§ Task instructions
Throughout the listing below, copy each line containing "base".

Start of Block

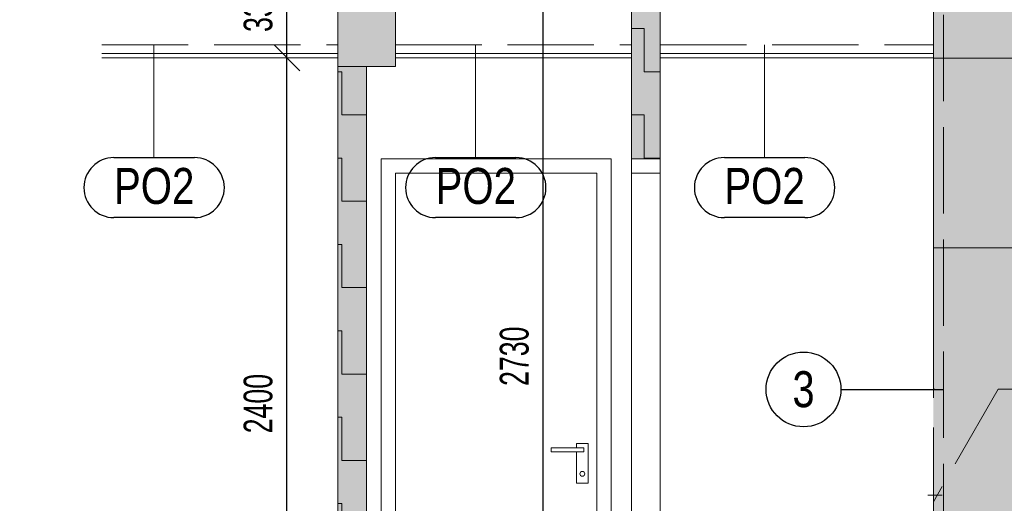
# Model space of a CAD drawing. Header units: millimetres. Extents: x 29003 to 60673, y -60985 to 17010.
# Tile 57 of 128: x 41780 to 45202, y -20249 to -18569. Entities that reach past the tile are written whole.
import ezdxf

# ---------------------------------------------------------------- set-up
doc = ezdxf.new("R2010")
doc.units = ezdxf.units.MM
doc.header["$PDMODE"] = 65
doc.linetypes.add('Carkovana 2x_1', pattern=[390, 300, -90])
for name, color, linetype, lineweight in [('XR$1$ŘEZY_1', 7, 'Continuous', 25), ('XR$2$ŘEZY - KOTY_ TEXTY_1', 7, 'Continuous', 25), ('XR$3$ŘEZY - FILING_1', 7, 'Continuous', 25)]:
    doc.layers.add(name, color=color, linetype=linetype, lineweight=lineweight)
doc.styles.add('ARIAL', font='ARIAL.TTF')
doc.styles.add('ARIALNARROW', font='ARIALN.TTF')
doc.dimstyles.new('DIMSTYLE_4', dxfattribs={"dimtxt": 100, "dimasz": 150, "dimexe": 0, "dimexo": 0, "dimgap": 50, "dimtad": 2, "dimdec": 0, "dimrnd": 5, "dimzin": 12, "dimdsep": 46, "dimtxsty": 'ARIALNARROW', "dimblk1": 'ALL_ML_STRICH', "dimblk2": 'ALL_ML_STRICH', "dimsah": 1, "dimcen": 0, "dimclrd": 6, "dimclre": 6, "dimclrt": 6, "dimadec": 0, "dimazin": 0, "dimtfac": 1, "dimtdec": 0, "dimtix": 1, "dimtmove": 2, "dimatfit": 3, "dimfxl": 0, "dimtzin": 0, "dimlwd": 0, "dimlwe": 13, "dimarcsym": 0})
pattern_1 = [(0, (300, 300), (150, 150), [150, -150]), (90, (300, 300), (-150, 150), [150, -150])]

# ---------------------------------------------------------------- blocks, each defined once
blk = doc.blocks.new('ALL_ML_STRICH')
at = {"color": 0, "linetype": 'ByBlock', "lineweight": -2}
for p, q in [((0, -0.5), (0, 0.5)), ((-0.3, -0.3), (0.3, 0.3)), ((-1, 0), (0.5, 0))]:
    blk.add_line(p, q, dxfattribs=at)
blk = doc.blocks.new('*D252')
at = {"layer": 'DEFPOINTS', "color": 6, "linetype": 'Continuous', "lineweight": 13}
for p in [(43545.6, -18372.1), (43599.4, -21102.1), (43615.3, -21102.1)]:
    blk.add_point(p, dxfattribs=at)
at = {"layer": 'XR$2$ŘEZY - KOTY_ TEXTY_1', "color": 6, "linetype": 'Continuous', "lineweight": -2}
for p, q in [((43599.4, -18372.1), (43599.4, -18372.1)), ((43599.4, -21102.1), (43599.4, -18372.1)), ((43599.4, -21102.1), (43599.4, -21102.1))]:
    blk.add_line(p, q, dxfattribs=at)
at = {"layer": 'XR$2$ŘEZY - KOTY_ TEXTY_1', "color": 6, "linetype": 'Continuous', "lineweight": 13, "xscale": 150, "yscale": 150, "zscale": 150}
for p, rotation in [((43599.4, -18372.1), 90), ((43599.4, -21102.1), 270)]:
    blk.add_blockref('ALL_ML_STRICH', p, dxfattribs=dict(at, rotation=rotation))
at = {"layer": 'XR$2$ŘEZY - KOTY_ TEXTY_1', "color": 6, "linetype": 'Continuous', "lineweight": 13, "insert": (43499.4, -19738.2), "char_height": 100, "width": 324.571, "attachment_point": 5, "rotation": 90, "style": 'ARIALNARROW'}
blk.add_mtext('\\W0.81;\\A1;{2730}', dxfattribs=at)
blk = doc.blocks.new('*D274')
at = {"layer": 'DEFPOINTS', "color": 6, "linetype": 'Continuous', "lineweight": 13}
for p in [(42708.9, -18701.2), (42708.9, -21102.1), (42725, -21102.1)]:
    blk.add_point(p, dxfattribs=at)
at = {"layer": 'XR$2$ŘEZY - KOTY_ TEXTY_1', "color": 6, "linetype": 'Continuous', "lineweight": -2}
for p, q in [((42708.9, -18701.2), (42708.9, -18701.2)), ((42708.9, -21102.1), (42708.9, -18701.2)), ((42708.9, -21102.1), (42708.9, -21102.1))]:
    blk.add_line(p, q, dxfattribs=at)
at = {"layer": 'XR$2$ŘEZY - KOTY_ TEXTY_1', "color": 6, "linetype": 'Continuous', "lineweight": 13, "xscale": 150, "yscale": 150, "zscale": 150}
for p, rotation in [((42708.9, -18701.2), 90), ((42708.9, -21102.1), 270)]:
    blk.add_blockref('ALL_ML_STRICH', p, dxfattribs=dict(at, rotation=rotation))
at = {"layer": 'XR$2$ŘEZY - KOTY_ TEXTY_1', "color": 6, "linetype": 'Continuous', "lineweight": 13, "insert": (42608.9, -19902.8), "char_height": 100, "width": 324.571, "attachment_point": 5, "rotation": 90, "style": 'ARIALNARROW'}
blk.add_mtext('\\W0.81;\\A1;{2400}', dxfattribs=at)
blk = doc.blocks.new('*D275')
at = {"layer": 'DEFPOINTS', "color": 6, "linetype": 'Continuous', "lineweight": 13}
for p in [(42885.9, -18372.1), (42708.9, -18701.2), (42708.9, -18701.2)]:
    blk.add_point(p, dxfattribs=at)
at = {"layer": 'XR$2$ŘEZY - KOTY_ TEXTY_1', "color": 6, "linetype": 'Continuous', "lineweight": -2}
for p, q in [((42708.9, -18372.1), (42708.9, -18372.1)), ((42708.9, -18701.2), (42708.9, -18372.1)), ((42708.9, -18701.2), (42708.9, -18701.2))]:
    blk.add_line(p, q, dxfattribs=at)
at = {"layer": 'XR$2$ŘEZY - KOTY_ TEXTY_1', "color": 6, "linetype": 'Continuous', "lineweight": 13, "xscale": 150, "yscale": 150, "zscale": 150}
for p, rotation in [((42708.9, -18372.1), 90), ((42708.9, -18701.2), 270)]:
    blk.add_blockref('ALL_ML_STRICH', p, dxfattribs=dict(at, rotation=rotation))
at = {"layer": 'XR$2$ŘEZY - KOTY_ TEXTY_1', "color": 6, "linetype": 'Continuous', "lineweight": 13, "insert": (42608.9, -18534.2), "char_height": 100, "width": 243.429, "attachment_point": 5, "rotation": 90, "style": 'ARIALNARROW'}
blk.add_mtext('\\W0.81;\\A1;{330}', dxfattribs=at)

msp = doc.modelspace()

# ---------------------------------------------------------------- hatches: boundary and pattern name
at = {"layer": 'XR$3$ŘEZY - FILING_1', "linetype": 'Continuous', "lineweight": 13}
msp.add_hatch(color=254, dxfattribs=at).paths.add_polyline_path([(43085.9, -18372.1), (44955.9, -18372.1), (44955.9, -20802.1), (45005.9, -20802.1), (45005.9, -21542.1), (44955.9, -21542.1), (44855.9, -21542.1), (44855.9, -22061.5), (45405.9, -22061.5), (45405.9, -20338.3), (45405.8, -20338.3), (45405.8, -18402.1), (45405.9, -18402.1), (45405.9, -18172.1), (45405.9, -18022.1), (41779.9, -18022.1), (41779.9, -18372.1), (42885.9, -18372.1), (42885.9, -18732.1), (43085.9, -18732.1)])
for points in [[(44005.9, -18372.1), (43905.9, -18372.1), (43905.9, -19052.1), (44005.9, -19052.1)], [(42985.9, -18732.1), (42885.9, -18732.1), (42885.9, -21272.1), (42985.9, -21272.1)]]:
    msp.add_hatch(color=11, dxfattribs=at).paths.add_polyline_path(points, flags=0)
h = msp.add_hatch(dxfattribs=at)
h.set_pattern_fill('VZOR', scale=150, style=0, pattern_type=2)
h.set_pattern_definition(pattern_1)
h.paths.add_polyline_path([(44005.9, -18372.1), (43905.9, -18372.1), (43905.9, -19052.1), (44005.9, -19052.1)], flags=0)
h = msp.add_hatch(dxfattribs=at)
h.set_pattern_fill('VZOR', scale=150, style=0, pattern_type=2)
h.set_pattern_definition(pattern_1)
h.paths.add_polyline_path([(42985.9, -18732.1), (42885.9, -18732.1), (42885.9, -21272.1), (42985.9, -21272.1)], flags=0)

# ---------------------------------------------------------------- linework, layer by layer
at = {"layer": 'XR$1$ŘEZY_1', "color": 7, "linetype": 'Continuous', "lineweight": 13}
for p, q in [((42885.9, -18732.1), (42885.9, -18372.1)), ((43085.9, -18372.1), (43085.9, -18732.1)), ((44955.9, -19882.1), (44955.9, -18372.1)), ((42885.9, -18686.2), (42065.9, -18686.2)), ((43905.9, -18686.2), (43085.9, -18686.2)), ((44955.9, -18686.2), (44005.9, -18686.2)), ((42065.9, -18701.2), (42885.9, -18701.2)), ((43085.9, -18701.2), (43905.9, -18701.2)), ((44005.9, -18701.2), (44955.9, -18701.2)), ((43085.9, -18732.1), (42885.9, -18732.1)), ((44955.9, -21442.1), (44955.9, -19985.3))]:
    msp.add_line(p, q, dxfattribs=at)
at = {"layer": 'XR$1$ŘEZY_1', "color": 14, "linetype": 'Continuous', "lineweight": 13}
for p, q in [((43905.9, -18372.1), (43905.9, -19052.1)), ((44005.9, -18372.1), (44005.9, -19052.1)), ((42885.9, -18732.1), (42885.9, -21272.1)), ((42985.9, -18732.1), (42985.9, -21272.1)), ((43905.9, -19052.1), (44005.9, -19052.1))]:
    msp.add_line(p, q, dxfattribs=at)
at = {"layer": 'XR$1$ŘEZY_1', "color": 7, "linetype": 'Carkovana 2x_1', "lineweight": 13}
for p, q in [((44991, -20802.1), (44991, -18372.1)), ((42065.9, -18656.2), (42885.9, -18656.2)), ((43085.9, -18656.2), (43905.9, -18656.2)), ((44005.9, -18656.2), (44955.9, -18656.2)), ((44955.9, -19852.1), (44961, -19852.1)), ((44985.9, -20220.4), (44935.9, -20220.4))]:
    msp.add_line(p, q, dxfattribs=at)
at = {"layer": 'XR$1$ŘEZY_1', "color": 8, "linetype": 'Carkovana 2x_1', "lineweight": 13}
for p, q in [((44955.9, -18702.1), (45405.9, -18702.1)), ((45180.9, -19852.1), (44955.9, -20243.8)), ((45180.9, -19852.1), (45405.9, -19852.1))]:
    msp.add_line(p, q, dxfattribs=at)
at = {"layer": 'XR$1$ŘEZY_1', "color": 132, "linetype": 'Continuous', "lineweight": 13}
for p, q in [((43035.9, -21102.1), (43035.9, -19052.1)), ((43035.9, -19052.1), (43835.9, -19052.1)), ((43835.9, -21102.1), (43835.9, -19052.1)), ((43905.9, -19052.1), (43905.9, -21102.1)), ((44005.9, -19052.1), (44005.9, -21102.1)), ((43085.9, -21102.1), (43085.9, -19102.1)), ((43085.9, -19102.1), (43785.9, -19102.1)), ((43785.9, -21102.1), (43785.9, -19102.1)), ((44005.9, -19102.1), (43905.9, -19102.1)), ((43715.1, -20056.3), (43715.1, -20041.2)), ((43715.1, -20041.2), (43756, -20041.2)), ((43756, -20041.2), (43756, -20178.7)), ((43627.8, -20056.3), (43740.2, -20056.3)), ((43627.8, -20070.2), (43627.8, -20056.3)), ((43740.2, -20070.2), (43627.8, -20070.2)), ((43715.1, -20178.7), (43715.1, -20070.2)), ((43740.2, -20056.3), (43740.2, -20070.2)), ((43756, -20178.7), (43715.1, -20178.7))]:
    msp.add_line(p, q, dxfattribs=at)
msp.add_circle((43735.5, -20146.8), 8.3, dxfattribs=at)
at = {"layer": 'XR$2$ŘEZY - KOTY_ TEXTY_1', "color": 3, "linetype": 'Continuous', "lineweight": 13}
for p, q in [((42246.7, -19048.3), (42246.7, -18656.2)), ((43364.6, -19048.3), (43364.6, -18656.2)), ((44368.3, -19048.3), (44368.3, -18656.2)), ((46556, -19361.3), (44955.9, -19361.3))]:
    msp.add_line(p, q, dxfattribs=at)
at = {"layer": 'XR$2$ŘEZY - KOTY_ TEXTY_1', "color": 3, "linetype": 'Continuous', "lineweight": 25}
for p, q in [((42387, -19048.3), (42107.5, -19048.3)), ((43504.9, -19048.3), (43225.4, -19048.3)), ((44508.7, -19048.3), (44229.2, -19048.3)), ((42387, -19256.6), (42107.5, -19256.6)), ((43504.9, -19256.6), (43225.4, -19256.6)), ((44508.7, -19256.6), (44229.2, -19256.6))]:
    msp.add_line(p, q, dxfattribs=at)
at = {"layer": 'XR$2$ŘEZY - KOTY_ TEXTY_1', "color": 7, "linetype": 'Continuous', "lineweight": 25}
msp.add_line((44634.4, -19853.5), (44991, -19853.5), dxfattribs=at)
msp.add_circle((44504.4, -19853.5), 130, dxfattribs=at)
at = {"layer": 'XR$2$ŘEZY - KOTY_ TEXTY_1', "color": 3, "linetype": 'Continuous', "lineweight": 25}
for centre, start, end in [((42107.5, -19152.4), 90, 270), ((42387, -19152.4), 270, 90), ((43225.4, -19152.4), 90, 270), ((43504.9, -19152.4), 270, 90), ((44229.2, -19152.4), 90, 270), ((44508.7, -19152.4), 270, 90)]:
    msp.add_arc(centre, 104.2, start, end, dxfattribs=at)

# ---------------------------------------------------------------- texts
at = {"layer": 'XR$2$ŘEZY - KOTY_ TEXTY_1', "color": 3, "linetype": 'Continuous', "lineweight": 25, "char_height": 125, "width": 329.355, "attachment_point": 7, "style": 'ARIAL'}
for insert in [(42107.5, -19210.8), (43225.4, -19210.8), (44229.2, -19210.8)]:
    msp.add_mtext('\\W0.80;PO2', dxfattribs=dict(at, insert=insert))
at = {"layer": 'XR$2$ŘEZY - KOTY_ TEXTY_1', "color": 7, "linetype": 'Continuous', "lineweight": 25, "insert": (44504.4, -19853.5), "char_height": 125, "width": 127.849, "attachment_point": 5, "style": 'ARIAL'}
msp.add_mtext('\\W0.79;3', dxfattribs=at)

# ---------------------------------------------------------------- dimensions: what is measured, and where the dimension line sits
at = {"layer": 'XR$2$ŘEZY - KOTY_ TEXTY_1', "color": 6, "linetype": 'Continuous', "lineweight": 13}
for base, p1, p2, picture, middle in [((42708.9, -18372.1), (42708.9, -18701.2), (42708.9, -18372.1), '*D275', (42608.9, -18534.2)), ((43599.4, -18372.1), (43599.4, -21102.1), (43599.4, -18372.1), '*D252', (43499.4, -19738.2)), ((42708.9, -18701.2), (42708.9, -21102.1), (42708.9, -18701.2), '*D274', (42608.9, -19902.8))]:
    dim = msp.add_linear_dim(base=base, p1=p1, p2=p2, angle=90, dimstyle='DIMSTYLE_4', override={"dimpost": '<>', "dimclrd": 6, "dimclre": 6, "dimclrt": 6, "dimlwd": 0, "dimlwe": 13}, dxfattribs=at)
    dim.commit()
    dim.dimension.update_dxf_attribs({"geometry": picture, "text_midpoint": middle, "dimtype": 160})

doc.saveas('drawing.dxf')

End of Block

§ Task response
for base, p1, p2, picture, middle in [((42708.9, -18372.1), (42708.9, -18701.2), (42708.9, -18372.1), '*D275', (42608.9, -18534.2)), ((43599.4, -18372.1), (43599.4, -21102.1), (43599.4, -18372.1), '*D252', (43499.4, -19738.2)), ((42708.9, -18701.2), (42708.9, -21102.1), (42708.9, -18701.2), '*D274', (42608.9, -19902.8))]:
    dim = msp.add_linear_dim(base=base, p1=p1, p2=p2, angle=90, dimstyle='DIMSTYLE_4', override={"dimpost": '<>', "dimclrd": 6, "dimclre": 6, "dimclrt": 6, "dimlwd": 0, "dimlwe": 13}, dxfattribs=at)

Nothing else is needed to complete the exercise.